Work instructions – Although the records contain pictures, repeat only the text of every line exactly.

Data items
┌──
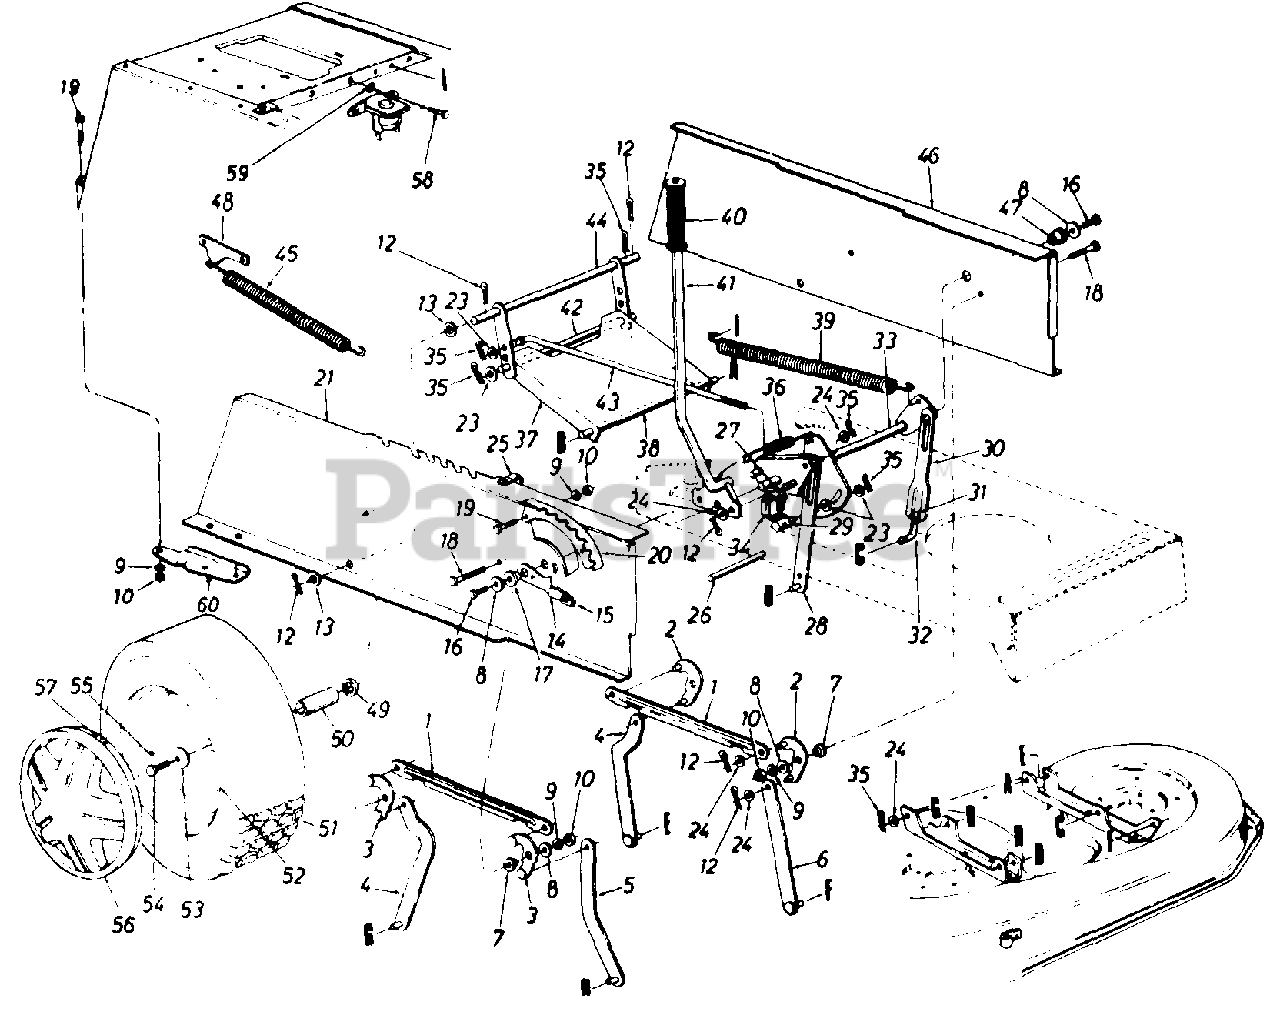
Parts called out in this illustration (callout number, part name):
1	Connecting Rod
2	Pivot Link Ass'y. - L.H.
3	Pivot Link Ass'y. - R.H.
7	Shld. Spacer .318" I.D.
8	Fl-Wash. .344" I.D. x .62" O.D.
9	L-Wash. 5/16" I.D.
10	Hex Nut 5/16-18 Thd.
12	Cotter Pin 1/8" Dia.
13	Fl-Wash. .635" I.D. x 1.0" O.D.
14	Deck Lift Stop
16	Hex TT-Tap Scr. 5/16-18 x .75"
17	Flange Brg. .63" I.D.
18	Hex Wash. Hd. Scr. 5/16-18 x .875"
19	Hex Bolt 5/16-18 x .75" Lg.
20	Index Brkt.
21	Upper Frame - R.H.
23	Fl-Wash. .385" I.D. x .87" O.D.
24	Fl-Wash. .531" I.D. x .93" O.D.
26	Running Board Rod
27	Hex Tap Scr. #12 x .375"
31	Hex Nut 1/2-20 Thd. (Gr. 5)
32	Lift Link Adjuster
35	Inter. Cotter Pin 3/8" Dia.
36	Extension Spring
37	Stabilizer Bracket
38	Shaft 1/2" Dia. x 10.28" Lg.
39	Extension Spring
40	Grip (Lift Handle)
41	Deck Lift Handle Ass'y.
42	Weld Pin
43	Disengagement Rod
44	Stabilizer Shaft Ass'y.
45	Extension Spring
46	Upper Frame - L.H.
47	Flange Brg. .632" I.D.
48	Deck Spring Brkt.
49	Fl-Wash. .76" I.D. x 1.49" O.D.
50	Sleeve .75" I.D. x 1.0" O.D.
52	Wheel Rim Only
53	Bell-Wash. .345" I.D. x .88"
54	Hex L-Bolt 5/16-24 x .75" Lg.
55	Air Valve
57	Spring Clip
58	Hex Wash. Hd. TT-Tap Scr. 1/4-20 Thd.
59	Ext. L-Wash. 1/4" I.D.
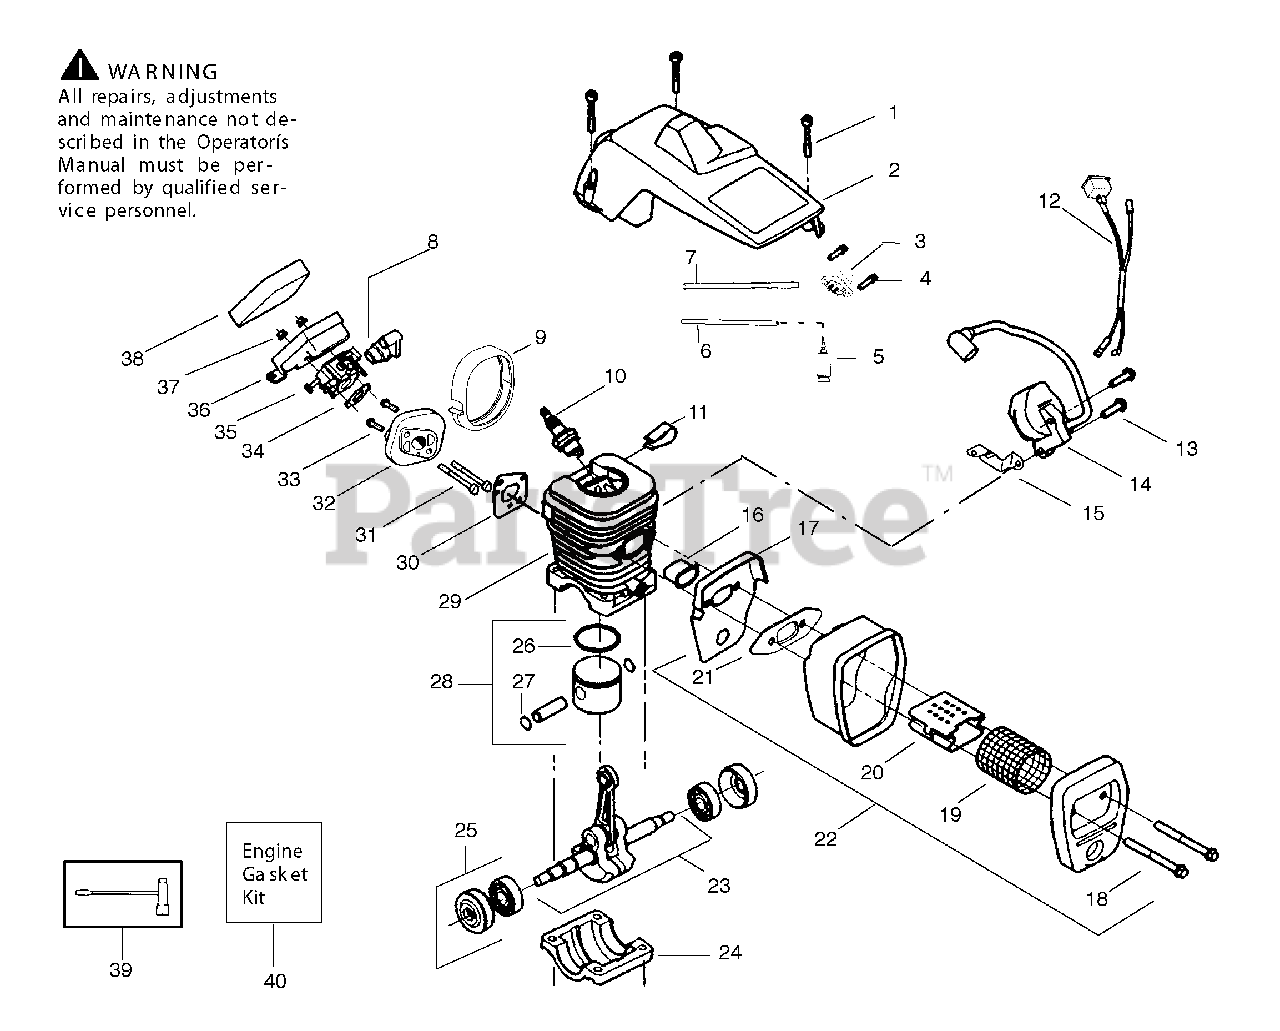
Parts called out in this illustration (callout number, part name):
5	FUEL PICK-UP ASSY
8	GROMMET-CARB ADJUST
10	SPARK PLUG (RCJ-7Y)
12	WIRE HARNESS ASS'Y
15	GROUND STRAP
16	HEAT INSULATOR
20	FLAME PROTECTION
22	MUFFLER
23	CRANKSHAFT
25	BEARING & SEAL ASSEMBLY
26	RING-PISTON
27	C-CLIP,PSTN PIN 36/41
29	KIT-CYLINDER
32	PARTITION
36	AIR FILTER HOUSING
38	AIR FILTER
39	SCRENCH
5300476-30	DECAL STOP
5300697-22	CARBURETOR
5300716-21	KIT-CARBURETOR (WT-625)
└──
Result for this task –
Parts called out in this illustration (callout number, part name):
1	Connecting Rod
2	Pivot Link Ass'y. - L.H.
3	Pivot Link Ass'y. - R.H.
7	Shld. Spacer .318" I.D.
8	Fl-Wash. .344" I.D. x .62" O.D.
9	L-Wash. 5/16" I.D.
10	Hex Nut 5/16-18 Thd.
12	Cotter Pin 1/8" Dia.
13	Fl-Wash. .635" I.D. x 1.0" O.D.
14	Deck Lift Stop
16	Hex TT-Tap Scr. 5/16-18 x .75"
17	Flange Brg. .63" I.D.
18	Hex Wash. Hd. Scr. 5/16-18 x .875"
19	Hex Bolt 5/16-18 x .75" Lg.
20	Index Brkt.
21	Upper Frame - R.H.
23	Fl-Wash. .385" I.D. x .87" O.D.
24	Fl-Wash. .531" I.D. x .93" O.D.
26	Running Board Rod
27	Hex Tap Scr. #12 x .375"
31	Hex Nut 1/2-20 Thd. (Gr. 5)
32	Lift Link Adjuster
35	Inter. Cotter Pin 3/8" Dia.
36	Extension Spring
37	Stabilizer Bracket
38	Shaft 1/2" Dia. x 10.28" Lg.
39	Extension Spring
40	Grip (Lift Handle)
41	Deck Lift Handle Ass'y.
42	Weld Pin
43	Disengagement Rod
44	Stabilizer Shaft Ass'y.
45	Extension Spring
46	Upper Frame - L.H.
47	Flange Brg. .632" I.D.
48	Deck Spring Brkt.
49	Fl-Wash. .76" I.D. x 1.49" O.D.
50	Sleeve .75" I.D. x 1.0" O.D.
52	Wheel Rim Only
53	Bell-Wash. .345" I.D. x .88"
54	Hex L-Bolt 5/16-24 x .75" Lg.
55	Air Valve
57	Spring Clip
58	Hex Wash. Hd. TT-Tap Scr. 1/4-20 Thd.
59	Ext. L-Wash. 1/4" I.D.
Parts called out in this illustration (callout number, part name):
5	FUEL PICK-UP ASSY
8	GROMMET-CARB ADJUST
10	SPARK PLUG (RCJ-7Y)
12	WIRE HARNESS ASS'Y
15	GROUND STRAP
16	HEAT INSULATOR
20	FLAME PROTECTION
22	MUFFLER
23	CRANKSHAFT
25	BEARING & SEAL ASSEMBLY
26	RING-PISTON
27	C-CLIP,PSTN PIN 36/41
29	KIT-CYLINDER
32	PARTITION
36	AIR FILTER HOUSING
38	AIR FILTER
39	SCRENCH
5300476-30	DECAL STOP
5300697-22	CARBURETOR
5300716-21	KIT-CARBURETOR (WT-625)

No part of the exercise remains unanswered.